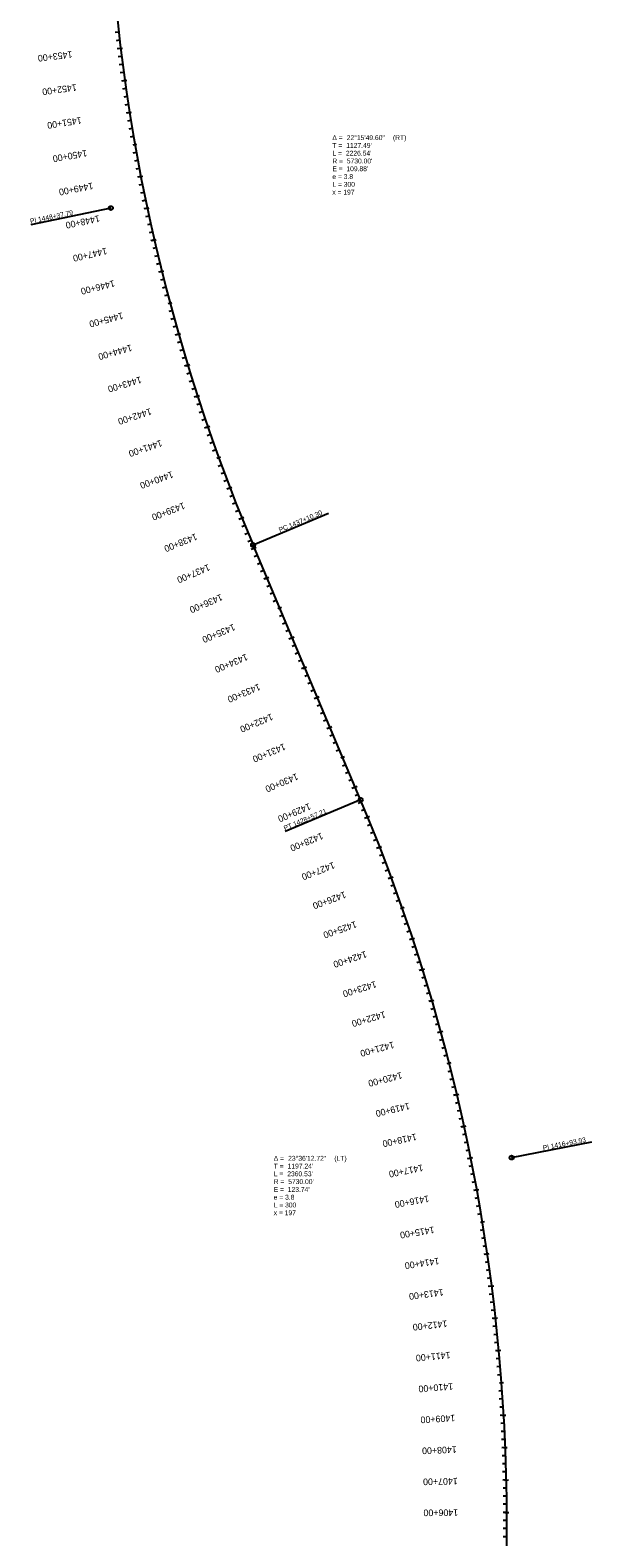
# Model space of a CAD drawing. Extents: x 20505176 to 20507193, y 7960287 to 7982631.
# Drawn here: x 20505239 to 20506971, y 7973323 to 7977971 of the extents above; entities that cross this region are included whole.
import ezdxf

# ---------------------------------------------------------------- set-up
doc = ezdxf.new("R2010")
doc.units = 0
for name, color, linetype in [('Alignment', 7, 'Continuous'), ('TextAlignment', 7, 'Continuous'), ('TextAlignmentLrg', 7, 'Continuous'), ('TextAlignmentSml', 7, 'Continuous')]:
    doc.layers.add(name, color=color, linetype=linetype)

msp = doc.modelspace()

# ---------------------------------------------------------------- linework, layer by layer
at = {"layer": 'Alignment'}
msp.add_line((20506257.8, 7975598.2), (20505926.1, 7976384.1), dxfattribs=at)
for centre, start, end in [((20511205.4, 7978611.7), 180.61343, 202.8772), ((20500978.6, 7973370.4), 359.27591, 22.87944)]:
    msp.add_arc(centre, 5730, start, end, dxfattribs=at)
at = {"layer": 'TextAlignment'}
for p, q in [((20505487.8, 7977422.9), (20505241.1, 7977371.6)), ((20505241.1, 7977371.6), (20505241.1, 7977371.6)), ((20505926.1, 7976384.1), (20506158.3, 7976482.1)), ((20506158.3, 7976482.1), (20506158.3, 7976482.1)), ((20506257.8, 7975598.2), (20506025.6, 7975500.2)), ((20506025.6, 7975500.2), (20506025.6, 7975500.2)), ((20506723.2, 7974495.1), (20506970.5, 7974543.5)), ((20506970.5, 7974543.5), (20506970.5, 7974543.5))]:
    msp.add_line(p, q, dxfattribs=at)
for centre in [(20505487.8, 7977422.9), (20505926.1, 7976384.1), (20506257.8, 7975598.2), (20506723.2, 7974495.1)]:
    msp.add_circle(centre, 6.24, dxfattribs=at)
at = {"layer": 'TextAlignmentLrg'}
for p, q in [((20505517.9, 7977915.3), (20505507, 7977913.9)), ((20505530.9, 7977816.1), (20505520.1, 7977814.6)), ((20505545.7, 7977717.2), (20505534.9, 7977715.5)), ((20505556.1, 7977617.5), (20505568.2, 7977619.6)), ((20505580.3, 7977520.2), (20505569.6, 7977518.2)), ((20505600.2, 7977422.2), (20505589.5, 7977420)), ((20505621.8, 7977324.6), (20505611.2, 7977322.2)), ((20505645.1, 7977227.4), (20505634.6, 7977224.7)), ((20505664.2, 7977129), (20505676.1, 7977132.1)), ((20505696.8, 7977034.2), (20505686.3, 7977031.2)), ((20505725.2, 7976938.3), (20505714.8, 7976935.1)), ((20505755.3, 7976842.9), (20505744.9, 7976839.5)), ((20505786.9, 7976748.1), (20505776.6, 7976744.5)), ((20505814.5, 7976651.7), (20505826, 7976655.9)), ((20505855.3, 7976560.1), (20505845.1, 7976556.2)), ((20505891.9, 7976467.1), (20505881.8, 7976463)), ((20505930.1, 7976374.7), (20505920.1, 7976370.4)), ((20505969, 7976282.5), (20505958.9, 7976278.3)), ((20506002.2, 7976188), (20506013.5, 7976192.8)), ((20506046.8, 7976098.2), (20506036.7, 7976094)), ((20506085.6, 7976006.1), (20506075.6, 7976001.9)), ((20506124.5, 7975914), (20506114.4, 7975909.7)), ((20506163.4, 7975821.8), (20506153.3, 7975817.6)), ((20506196.6, 7975727.3), (20506207.9, 7975732.1)), ((20506241.1, 7975637.6), (20506231.1, 7975633.3)), ((20506279.7, 7975545.3), (20506269.6, 7975541.2)), ((20506316.9, 7975452.5), (20506306.7, 7975448.5)), ((20506352.4, 7975359), (20506342.2, 7975355.2)), ((20506380.5, 7975262.9), (20506392.1, 7975267)), ((20506418.5, 7975170.3), (20506408.2, 7975166.8)), ((20506449.1, 7975075.1), (20506438.7, 7975071.8)), ((20506478, 7974979.3), (20506467.5, 7974976.3)), ((20506505.3, 7974883.1), (20506494.7, 7974880.2)), ((20506524.9, 7974784.9), (20506536.8, 7974788)), ((20506554.7, 7974689.3), (20506544.1, 7974686.8)), ((20506576.9, 7974591.8), (20506566.2, 7974589.5)), ((20506597.3, 7974493.9), (20506586.6, 7974491.8)), ((20506616.1, 7974395.7), (20506605.3, 7974393.8)), ((20506627.1, 7974296.2), (20506639.2, 7974298.2)), ((20506648.4, 7974198.4), (20506637.6, 7974196.8)), ((20506662, 7974099.3), (20506651.2, 7974097.9)), ((20506673.9, 7974000), (20506663, 7973998.8)), ((20506684, 7973900.5), (20506673.1, 7973899.5)), ((20506686.3, 7973800.4), (20506698.5, 7973801.3)), ((20506699, 7973701.1), (20506688.1, 7973700.5)), ((20506703.9, 7973601.2), (20506693, 7973600.8)), ((20506707.1, 7973501.3), (20506696.2, 7973501)), ((20506708.5, 7973401.3), (20506697.6, 7973401.2))]:
    msp.add_line(p, q, dxfattribs=at)
at = {"layer": 'TextAlignmentSml'}
for p, q in [((20505512, 7977964.9), (20505501.2, 7977963.7)), ((20505514.9, 7977940.1), (20505504.1, 7977938.8)), ((20505511.8, 7977914.5), (20505524, 7977916)), ((20505521, 7977890.4), (20505510.1, 7977889.1)), ((20505524.2, 7977865.7), (20505513.4, 7977864.2)), ((20505527.5, 7977840.9), (20505516.7, 7977839.4)), ((20505524.8, 7977815.3), (20505537, 7977817)), ((20505534.4, 7977791.4), (20505523.6, 7977789.8)), ((20505538.1, 7977766.6), (20505527.3, 7977765)), ((20505541.8, 7977741.9), (20505531, 7977740.2)), ((20505539.6, 7977716.2), (20505551.7, 7977718.2)), ((20505549.6, 7977692.5), (20505538.8, 7977690.8)), ((20505553.7, 7977667.9), (20505542.9, 7977666.1)), ((20505557.8, 7977643.2), (20505547.1, 7977641.4)), ((20505556.1, 7977617.5), (20505568.2, 7977619.6)), ((20505566.5, 7977594), (20505555.8, 7977592)), ((20505571, 7977569.4), (20505560.3, 7977567.4)), ((20505575.6, 7977544.8), (20505564.9, 7977542.8)), ((20505574.3, 7977519.1), (20505586.3, 7977521.4)), ((20505585.1, 7977495.7), (20505574.4, 7977493.6)), ((20505590.1, 7977471.2), (20505579.4, 7977469)), ((20505595.1, 7977446.7), (20505584.4, 7977444.5)), ((20505594.2, 7977421), (20505606.2, 7977423.5)), ((20505605.5, 7977397.8), (20505594.8, 7977395.5)), ((20505610.8, 7977373.4), (20505600.2, 7977371)), ((20505616.3, 7977349), (20505605.6, 7977346.6)), ((20505615.9, 7977323.2), (20505627.8, 7977326)), ((20505627.5, 7977300.3), (20505616.9, 7977297.8)), ((20505633.3, 7977275.9), (20505622.7, 7977273.4)), ((20505639.2, 7977251.6), (20505628.6, 7977249)), ((20505639.2, 7977225.9), (20505651.1, 7977228.8)), ((20505651.2, 7977203.1), (20505640.7, 7977200.4)), ((20505657.4, 7977178.9), (20505646.9, 7977176.2)), ((20505663.7, 7977154.7), (20505653.2, 7977151.9)), ((20505664.2, 7977129), (20505676.1, 7977132.1)), ((20505676.7, 7977106.4), (20505666.1, 7977103.5)), ((20505683.3, 7977082.3), (20505672.8, 7977079.4)), ((20505690, 7977058.2), (20505679.5, 7977055.3)), ((20505691, 7977032.5), (20505702.7, 7977035.9)), ((20505703.8, 7977010.2), (20505693.3, 7977007.1)), ((20505710.8, 7976986.2), (20505700.3, 7976983.1)), ((20505718, 7976962.2), (20505707.5, 7976959.1)), ((20505719.4, 7976936.5), (20505731.1, 7976940.1)), ((20505732.6, 7976914.4), (20505722.1, 7976911.2)), ((20505740, 7976890.5), (20505729.6, 7976887.2)), ((20505747.6, 7976866.7), (20505737.2, 7976863.4)), ((20505749.4, 7976841), (20505761.1, 7976844.8)), ((20505763, 7976819.1), (20505752.6, 7976815.7)), ((20505770.9, 7976795.4), (20505760.5, 7976791.9)), ((20505778.9, 7976771.7), (20505768.5, 7976768.2)), ((20505781.2, 7976746.1), (20505792.7, 7976750.1)), ((20505795.1, 7976724.4), (20505784.8, 7976720.8)), ((20505803.4, 7976700.8), (20505793.1, 7976697.2)), ((20505811.8, 7976677.3), (20505801.5, 7976673.6)), ((20505814.5, 7976651.7), (20505826, 7976655.9)), ((20505828.9, 7976630.3), (20505818.6, 7976626.5)), ((20505837.6, 7976606.9), (20505827.4, 7976603)), ((20505846.4, 7976583.5), (20505836.2, 7976579.6)), ((20505849.6, 7976557.9), (20505861, 7976562.3)), ((20505864.3, 7976536.8), (20505854.1, 7976532.8)), ((20505873.4, 7976513.5), (20505863.2, 7976509.5)), ((20505882.6, 7976490.3), (20505872.5, 7976486.2)), ((20505886.2, 7976464.8), (20505897.6, 7976469.3)), ((20505901.3, 7976443.9), (20505891.2, 7976439.8)), ((20505910.8, 7976420.8), (20505900.7, 7976416.6)), ((20505920.4, 7976397.7), (20505910.4, 7976393.5)), ((20505924.5, 7976372.3), (20505935.8, 7976377)), ((20505939.8, 7976351.6), (20505929.8, 7976347.4)), ((20505949.6, 7976328.6), (20505939.5, 7976324.3)), ((20505959.3, 7976305.5), (20505949.2, 7976301.3)), ((20505963.4, 7976280.1), (20505974.6, 7976284.9)), ((20505978.7, 7976259.5), (20505968.7, 7976255.2)), ((20505988.4, 7976236.4), (20505978.4, 7976232.2)), ((20505998.2, 7976213.4), (20505988.1, 7976209.2)), ((20506002.2, 7976188), (20506013.5, 7976192.8)), ((20506017.6, 7976167.3), (20506007.5, 7976163.1)), ((20506027.3, 7976144.3), (20506017.3, 7976140.1)), ((20506037, 7976121.3), (20506027, 7976117)), ((20506041.1, 7976095.9), (20506052.4, 7976100.6)), ((20506056.5, 7976075.2), (20506046.4, 7976071)), ((20506066.2, 7976052.2), (20506056.1, 7976047.9)), ((20506075.9, 7976029.1), (20506065.8, 7976024.9)), ((20506080, 7976003.7), (20506091.3, 7976008.5)), ((20506095.3, 7975983.1), (20506085.3, 7975978.8)), ((20506105.1, 7975960), (20506095, 7975955.8)), ((20506114.8, 7975937), (20506104.7, 7975932.8)), ((20506118.9, 7975911.6), (20506130.1, 7975916.4)), ((20506134.2, 7975890.9), (20506124.2, 7975886.7)), ((20506143.9, 7975867.9), (20506133.9, 7975863.7)), ((20506153.7, 7975844.9), (20506143.6, 7975840.6)), ((20506157.7, 7975819.5), (20506169, 7975824.2)), ((20506173.1, 7975798.8), (20506163, 7975794.6)), ((20506182.8, 7975775.8), (20506172.8, 7975771.5)), ((20506192.5, 7975752.7), (20506182.5, 7975748.5)), ((20506196.6, 7975727.3), (20506207.9, 7975732.1)), ((20506212, 7975706.7), (20506201.9, 7975702.4)), ((20506221.7, 7975683.6), (20506211.6, 7975679.4)), ((20506231.4, 7975660.6), (20506221.3, 7975656.4)), ((20506235.5, 7975635.2), (20506246.8, 7975640)), ((20506250.8, 7975614.5), (20506240.8, 7975610.3)), ((20506260.6, 7975591.5), (20506250.5, 7975587.3)), ((20506270.2, 7975568.4), (20506260.1, 7975564.2)), ((20506274.1, 7975543), (20506285.4, 7975547.7)), ((20506289.2, 7975522.2), (20506279.1, 7975518.1)), ((20506298.5, 7975499), (20506288.4, 7975494.9)), ((20506307.8, 7975475.8), (20506297.6, 7975471.7)), ((20506311.2, 7975450.3), (20506322.6, 7975454.7)), ((20506325.9, 7975429.2), (20506315.7, 7975425.3)), ((20506334.9, 7975405.8), (20506324.6, 7975401.9)), ((20506343.7, 7975382.4), (20506333.5, 7975378.6)), ((20506346.7, 7975356.9), (20506358.1, 7975361.1)), ((20506361, 7975335.5), (20506350.8, 7975331.8)), ((20506369.6, 7975312), (20506359.3, 7975308.3)), ((20506378, 7975288.5), (20506367.7, 7975284.8)), ((20506380.5, 7975262.9), (20506392.1, 7975267)), ((20506394.5, 7975241.3), (20506384.2, 7975237.8)), ((20506402.6, 7975217.7), (20506392.3, 7975214.1)), ((20506410.6, 7975194), (20506400.3, 7975190.5)), ((20506412.7, 7975168.3), (20506424.3, 7975172.2)), ((20506426.3, 7975146.5), (20506416, 7975143.1)), ((20506434, 7975122.7), (20506423.6, 7975119.4)), ((20506441.6, 7975098.9), (20506431.2, 7975095.6)), ((20506443.3, 7975073.2), (20506455, 7975076.9)), ((20506456.5, 7975051.2), (20506446.1, 7975048)), ((20506463.8, 7975027.3), (20506453.3, 7975024.1)), ((20506471, 7975003.3), (20506460.5, 7975000.2)), ((20506472.2, 7974977.6), (20506483.9, 7974981.1)), ((20506485, 7974955.3), (20506474.5, 7974952.3)), ((20506491.9, 7974931.3), (20506481.4, 7974928.3)), ((20506498.6, 7974907.2), (20506488.1, 7974904.3)), ((20506499.4, 7974881.5), (20506511.2, 7974884.7)), ((20506511.8, 7974859), (20506501.3, 7974856.2)), ((20506518.3, 7974834.8), (20506507.7, 7974832)), ((20506524.6, 7974810.7), (20506514, 7974807.9)), ((20506524.9, 7974784.9), (20506536.8, 7974788)), ((20506537, 7974762.2), (20506526.4, 7974759.5)), ((20506543, 7974737.9), (20506532.4, 7974735.3)), ((20506548.9, 7974713.6), (20506538.3, 7974711.1)), ((20506548.7, 7974687.9), (20506560.7, 7974690.7)), ((20506560.4, 7974665), (20506549.8, 7974662.5)), ((20506566, 7974640.6), (20506555.3, 7974638.2)), ((20506571.5, 7974616.2), (20506560.8, 7974613.9)), ((20506570.9, 7974590.5), (20506582.8, 7974593.1)), ((20506582.1, 7974567.4), (20506571.5, 7974565.1)), ((20506587.3, 7974542.9), (20506576.6, 7974540.7)), ((20506592.4, 7974518.4), (20506581.7, 7974516.3)), ((20506591.3, 7974492.7), (20506603.3, 7974495.1)), ((20506602.2, 7974469.4), (20506591.5, 7974467.3)), ((20506606.9, 7974444.9), (20506596.2, 7974442.8)), ((20506611.6, 7974420.3), (20506600.8, 7974418.3)), ((20506620.5, 7974371.1), (20506609.7, 7974369.2)), ((20506610.1, 7974394.6), (20506622.1, 7974396.8)), ((20506624.8, 7974346.5), (20506614, 7974344.6)), ((20506629, 7974321.8), (20506618.2, 7974320)), ((20506637.1, 7974272.5), (20506626.3, 7974270.8)), ((20506627.1, 7974296.2), (20506639.2, 7974298.2)), ((20506641, 7974247.8), (20506630.2, 7974246.1)), ((20506644.8, 7974223.1), (20506634, 7974221.5)), ((20506642.4, 7974197.5), (20506654.5, 7974199.2)), ((20506652, 7974173.6), (20506641.2, 7974172.1)), ((20506655.4, 7974148.9), (20506644.6, 7974147.4)), ((20506658.8, 7974124.1), (20506648, 7974122.6)), ((20506655.9, 7974098.5), (20506668.1, 7974100.1)), ((20506665.1, 7974074.5), (20506654.3, 7974073.1)), ((20506668.2, 7974049.7), (20506657.3, 7974048.4)), ((20506671.1, 7974024.8), (20506660.2, 7974023.6)), ((20506667.8, 7973999.3), (20506679.9, 7974000.7)), ((20506676.6, 7973975.1), (20506665.7, 7973974)), ((20506679.1, 7973950.3), (20506668.3, 7973949.2)), ((20506681.6, 7973925.4), (20506670.8, 7973924.3)), ((20506677.9, 7973899.9), (20506690.1, 7973901.1)), ((20506686.2, 7973875.6), (20506675.4, 7973874.6)), ((20506688.4, 7973850.7), (20506677.5, 7973849.8)), ((20506690.4, 7973825.8), (20506679.6, 7973824.9)), ((20506694.2, 7973775.9), (20506683.3, 7973775.2)), ((20506686.3, 7973800.4), (20506698.5, 7973801.3)), ((20506695.9, 7973751), (20506685, 7973750.3)), ((20506697.5, 7973726), (20506686.6, 7973725.4)), ((20506700.4, 7973676.1), (20506689.5, 7973675.5)), ((20506692.9, 7973700.7), (20506705.1, 7973701.4)), ((20506701.7, 7973651.2), (20506690.8, 7973650.6)), ((20506702.9, 7973626.2), (20506691.9, 7973625.7)), ((20506704.9, 7973576.2), (20506694, 7973575.8)), ((20506697.8, 7973601), (20506710, 7973601.4)), ((20506705.7, 7973551.2), (20506694.8, 7973550.9)), ((20506706.4, 7973526.2), (20506695.5, 7973525.9)), ((20506701, 7973501.1), (20506713.2, 7973501.4)), ((20506707.6, 7973476.3), (20506696.7, 7973476.1)), ((20506708, 7973451.3), (20506697.1, 7973451.1)), ((20506708.3, 7973426.3), (20506697.4, 7973426.2)), ((20506702.4, 7973401.2), (20506714.6, 7973401.3)), ((20506708.6, 7973376.3), (20506697.6, 7973376.3)), ((20506708.5, 7973351.3), (20506697.6, 7973351.3)), ((20506708.4, 7973326.3), (20506697.5, 7973326.3))]:
    msp.add_line(p, q, dxfattribs=at)

# ---------------------------------------------------------------- texts
at = {"layer": 'TextAlignment'}
for s, p in [('T = ', (20506170.5, 7977608.5)), ('Δ = ', (20506170.5, 7977632.5)), ("1127.49'", (20506213.4, 7977608.5)), ('22°15\'49.60"', (20506214.9, 7977632.5)), (' (RT)', (20506351.6, 7977632.5)), ('L = ', (20506170.5, 7977584.5)), ('R = ', (20506170.5, 7977560.5)), ("2226.54'", (20506212.3, 7977584.5)), ("5730.00'", (20506215.1, 7977560.5)), ('e = 3.8', (20506170.5, 7977512.5)), ('E = ', (20506170.5, 7977536.5)), ("109.88'", (20506213.8, 7977536.5)), ('x = 197', (20506170.5, 7977464.5)), ('L = 300', (20506170.5, 7977488.5)), ('T = ', (20505989.8, 7974461.6)), ('Δ = ', (20505989.8, 7974485.6)), ("1197.24'", (20506032.7, 7974461.6)), ('23°36\'12.72"', (20506034.3, 7974485.6)), (' (LT)', (20506171, 7974485.6)), ('L = ', (20505989.8, 7974437.6)), ('R = ', (20505989.8, 7974413.6)), ("2360.53'", (20506031.6, 7974437.6)), ("5730.00'", (20506034.5, 7974413.6)), ('e = 3.8', (20505989.8, 7974365.6)), ('E = ', (20505989.8, 7974389.6)), ("123.74'", (20506033.2, 7974389.6)), ('x = 197', (20505989.8, 7974317.6)), ('L = 300', (20505989.8, 7974341.6))]:
    msp.add_text(s, height=15, dxfattribs=at).set_placement(p)
for s, rotation, p in [('PI ', 11.7453, (20505240.4, 7977374.9)), ('1448+37.79', 11.7453, (20505264.9, 7977380)), ('1437+10.30', 22.8772, (20506039.9, 7976435.7)), ('PC', 22.8772, (20506009.2, 7976422.8)), ('PT', 22.8794, (20506024.3, 7975503.2)), ('1428+57.21', 22.8794, (20506053.3, 7975515.5)), ('1416+93.93', 11.0777, (20506845.4, 7974522.4)), ('PI ', 11.0777, (20506820.8, 7974517.6))]:
    msp.add_text(s, height=15, rotation=rotation, dxfattribs=at).set_placement(p)
at = {"layer": 'TextAlignmentLrg'}
for s, rotation, p in [('1450+00', 189.9811, (20505412.6, 7977602.6)), ('1445+00', 194.9808, (20505522.6, 7977101.6)), ('1440+00', 199.9804, (20505675.8, 7976612.1)), ('1435+00', 202.8763, (20505865.7, 7976141.5)), ('1430+00', 202.8763, (20506060.1, 7975680.8)), ('1425+00', 199.3076, (20506241.4, 7975225)), ('1420+00', 194.3079, (20506383, 7974759.3)), ('1415+00', 189.3083, (20506483.4, 7974283)), ('1410+00', 184.3087, (20506542, 7973799.8))]:
    msp.add_text(s, height=20.4, rotation=rotation, dxfattribs=at).set_placement(p)
at = {"layer": 'TextAlignmentSml'}
for s, rotation, p in [('1453+00', 186.9814, (20505367.8, 7977907.2)), ('1452+00', 187.9813, (20505380.9, 7977805.4)), ('1451+00', 188.9812, (20505395.9, 7977703.9)), ('1450+00', 189.9811, (20505412.6, 7977602.6)), ('1449+00', 190.9811, (20505431.1, 7977501.7)), ('1448+00', 191.981, (20505451.4, 7977401.1)), ('1447+00', 192.9809, (20505473.4, 7977300.9)), ('1446+00', 193.9808, (20505497.1, 7977201)), ('1445+00', 194.9808, (20505522.6, 7977101.6)), ('1444+00', 195.9807, (20505549.8, 7977002.7)), ('1443+00', 196.9806, (20505578.8, 7976904.2)), ('1442+00', 197.9806, (20505609.4, 7976806.3)), ('1441+00', 198.9805, (20505641.8, 7976708.9)), ('1440+00', 199.9804, (20505675.8, 7976612.1)), ('1439+00', 200.9803, (20505711.6, 7976515.9)), ('1438+00', 201.9803, (20505749, 7976420.4)), ('1437+00', 202.8763, (20505788, 7976325.7)), ('1436+00', 202.8763, (20505826.8, 7976233.6)), ('1435+00', 202.8763, (20505865.7, 7976141.5)), ('1434+00', 202.8763, (20505904.6, 7976049.3)), ('1433+00', 202.8763, (20505943.5, 7975957.2)), ('1432+00', 202.8763, (20505982.3, 7975865.1)), ('1431+00', 202.8763, (20506021.2, 7975772.9)), ('1430+00', 202.8763, (20506060.1, 7975680.8)), ('1429+00', 202.8763, (20506099, 7975588.7)), ('1428+00', 202.3073, (20506137.1, 7975497.8)), ('1427+00', 201.3074, (20506173.4, 7975407.5)), ('1426+00', 200.3075, (20506208.2, 7975316.5)), ('1425+00', 199.3076, (20506241.4, 7975225)), ('1424+00', 198.3076, (20506272.9, 7975132.8)), ('1423+00', 197.3077, (20506302.9, 7975040.2)), ('1422+00', 196.3078, (20506331.2, 7974947)), ('1421+00', 195.3078, (20506357.9, 7974853.4)), ('1420+00', 194.3079, (20506383, 7974759.3)), ('1419+00', 193.308, (20506406.4, 7974664.7)), ('1418+00', 192.3081, (20506428.1, 7974569.8)), ('1417+00', 191.3081, (20506448.2, 7974474.5)), ('1416+00', 190.3082, (20506466.7, 7974378.9)), ('1415+00', 189.3083, (20506483.4, 7974283)), ('1414+00', 188.3084, (20506498.5, 7974186.8)), ('1413+00', 187.3084, (20506511.9, 7974090.3)), ('1412+00', 186.3085, (20506523.7, 7973993.6)), ('1411+00', 185.3086, (20506533.7, 7973896.8)), ('1410+00', 184.3087, (20506542, 7973799.8)), ('1409+00', 183.3087, (20506548.7, 7973702.6)), ('1408+00', 182.3088, (20506553.6, 7973605.4)), ('1407+00', 181.3089, (20506556.9, 7973508)), ('1406+00', 180.309, (20506558.4, 7973410.7))]:
    msp.add_text(s, height=20.4, rotation=rotation, dxfattribs=at).set_placement(p)

doc.saveas('drawing.dxf')

*EXERCISE OBJECTIVE*.
Show, from the material above, each line that includes the string "start".

*EXERCISE ANSWER*.
for centre, start, end in [((20511205.4, 7978611.7), 180.61343, 202.8772), ((20500978.6, 7973370.4), 359.27591, 22.87944)]:
    msp.add_arc(centre, 5730, start, end, dxfattribs=at)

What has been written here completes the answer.